(Extracted data entries)
----
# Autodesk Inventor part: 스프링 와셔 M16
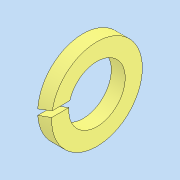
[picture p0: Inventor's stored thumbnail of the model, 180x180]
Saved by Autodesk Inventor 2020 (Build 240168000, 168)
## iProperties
Created: 2025-01
Part Number: 스프링 와셔 M16
Material: 강철, 연강
Description: 스프링 잠금 와셔
Document SubType Name: Modeling
Designer: 1강의실14
Density: 7.85 g/cm^3
Appearance: 기본값
Author: jhkim
Sending System: Autodesk Inventor 2025
Preprocessor: ST-DEVELOPER v20
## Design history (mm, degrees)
feature "Solid1"
node "솔리드1"
----
» **WORK TO BE COMPLETED**: The whole of the data needs to be copied word for word, though not its pictures.

» **SOLUTION FOR THIS EXERCISE**:
# Autodesk Inventor part: 스프링 와셔 M16
[picture p0: Inventor's stored thumbnail of the model, 180x180]
Saved by Autodesk Inventor 2020 (Build 240168000, 168)
## iProperties
Created: 2025-01
Part Number: 스프링 와셔 M16
Material: 강철, 연강
Description: 스프링 잠금 와셔
Document SubType Name: Modeling
Designer: 1강의실14
Density: 7.85 g/cm^3
Appearance: 기본값
Author: jhkim
Sending System: Autodesk Inventor 2025
Preprocessor: ST-DEVELOPER v20
## Design history (mm, degrees)
feature "Solid1"
node "솔리드1"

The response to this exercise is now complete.